------ Data ------

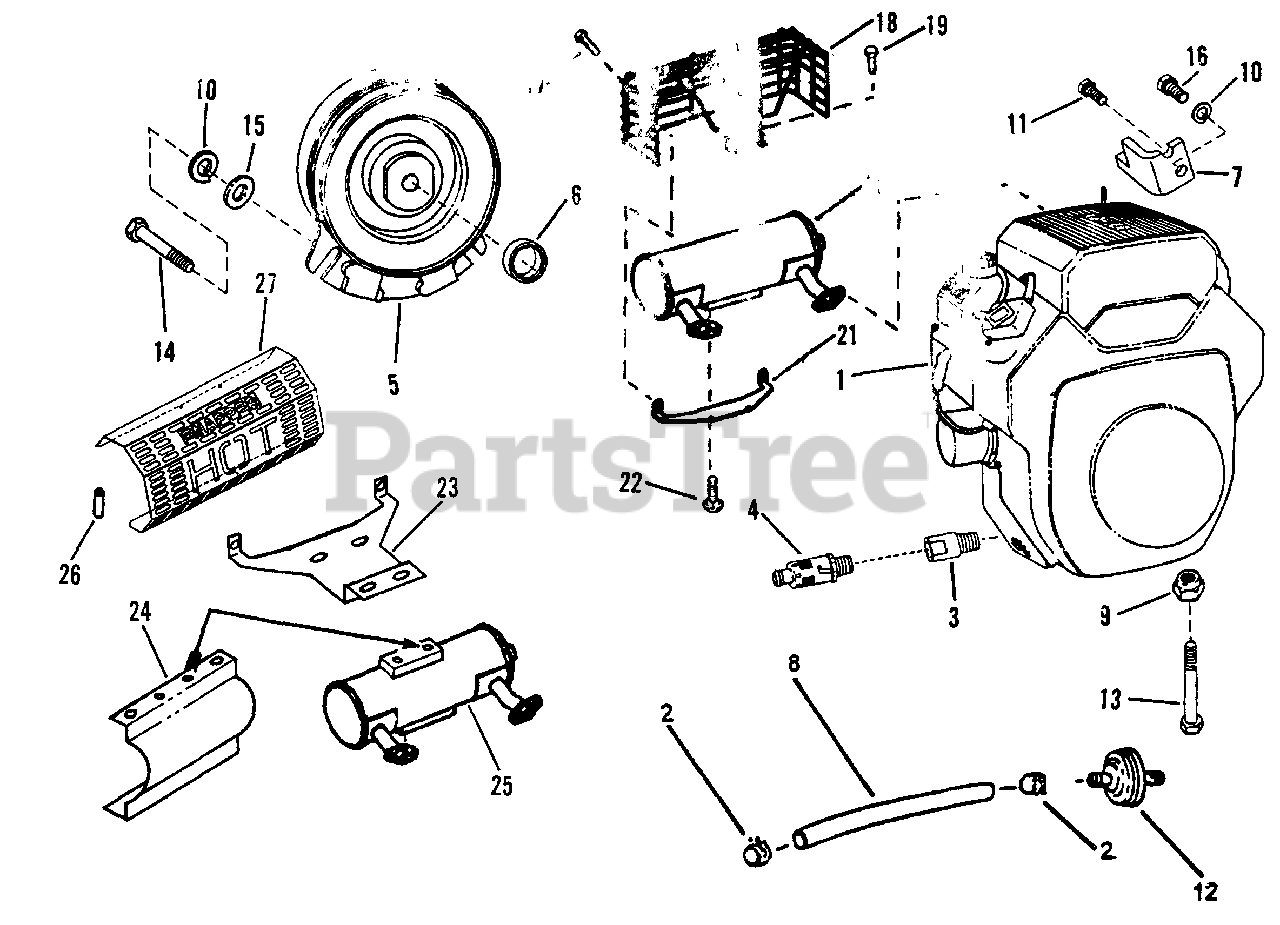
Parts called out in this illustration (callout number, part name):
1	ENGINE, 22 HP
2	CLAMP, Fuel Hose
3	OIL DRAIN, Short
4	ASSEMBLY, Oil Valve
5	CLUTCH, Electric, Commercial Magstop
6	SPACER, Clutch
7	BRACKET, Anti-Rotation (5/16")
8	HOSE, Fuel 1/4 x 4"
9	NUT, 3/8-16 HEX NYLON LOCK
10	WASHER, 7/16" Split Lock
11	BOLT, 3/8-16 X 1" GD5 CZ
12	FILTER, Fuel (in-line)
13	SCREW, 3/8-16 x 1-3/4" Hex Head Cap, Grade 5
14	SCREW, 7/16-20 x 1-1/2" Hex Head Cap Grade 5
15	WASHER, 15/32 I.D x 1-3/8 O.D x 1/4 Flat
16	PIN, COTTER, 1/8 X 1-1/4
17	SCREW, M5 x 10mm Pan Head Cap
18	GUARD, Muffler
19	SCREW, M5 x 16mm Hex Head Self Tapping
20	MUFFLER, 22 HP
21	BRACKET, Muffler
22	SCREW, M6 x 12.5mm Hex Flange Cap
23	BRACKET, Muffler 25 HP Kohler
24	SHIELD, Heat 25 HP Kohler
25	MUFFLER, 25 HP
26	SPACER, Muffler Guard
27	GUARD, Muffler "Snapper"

------
------ Data ------

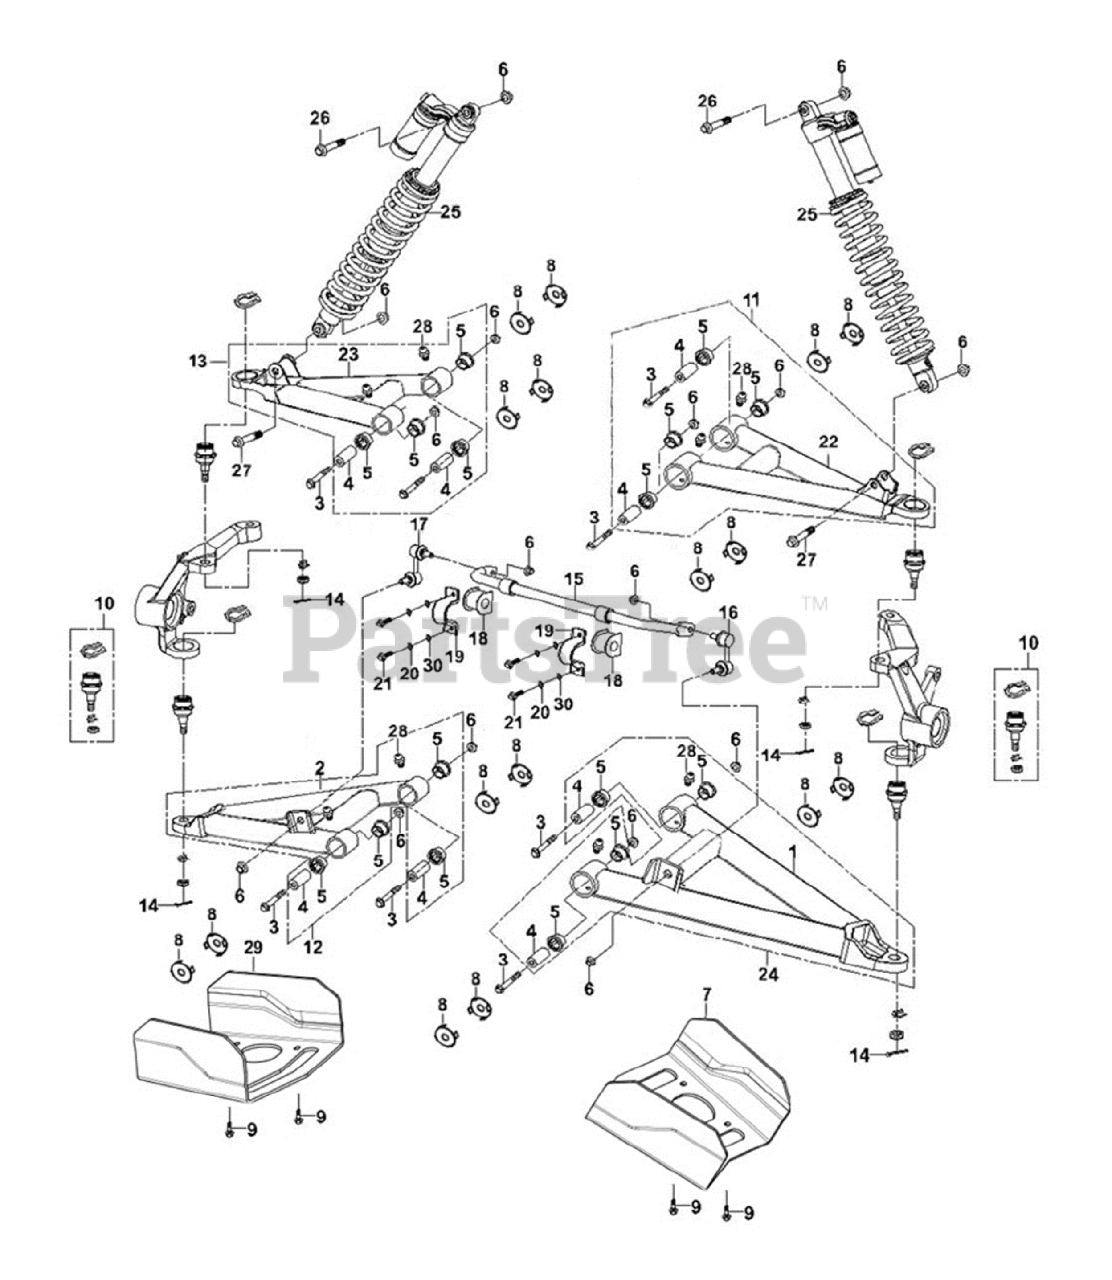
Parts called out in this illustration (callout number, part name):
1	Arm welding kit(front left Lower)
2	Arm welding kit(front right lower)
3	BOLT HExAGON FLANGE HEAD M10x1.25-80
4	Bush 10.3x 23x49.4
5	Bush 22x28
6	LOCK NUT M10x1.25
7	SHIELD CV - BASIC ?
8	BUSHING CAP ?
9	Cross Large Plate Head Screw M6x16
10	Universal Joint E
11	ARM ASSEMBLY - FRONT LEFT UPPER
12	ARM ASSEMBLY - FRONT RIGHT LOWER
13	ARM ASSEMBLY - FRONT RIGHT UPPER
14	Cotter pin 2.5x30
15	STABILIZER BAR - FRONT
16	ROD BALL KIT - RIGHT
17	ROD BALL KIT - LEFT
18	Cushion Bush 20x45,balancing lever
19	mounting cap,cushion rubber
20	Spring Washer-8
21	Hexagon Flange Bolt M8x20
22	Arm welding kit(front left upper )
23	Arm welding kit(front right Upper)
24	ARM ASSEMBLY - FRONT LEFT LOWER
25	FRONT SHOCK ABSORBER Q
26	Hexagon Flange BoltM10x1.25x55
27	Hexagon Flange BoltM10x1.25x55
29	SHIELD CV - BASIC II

------

Problem details> Report the lines above that have the word "Fuel" in them.

Final answer>
2	CLAMP, Fuel Hose
8	HOSE, Fuel 1/4 x 4"
12	FILTER, Fuel (in-line)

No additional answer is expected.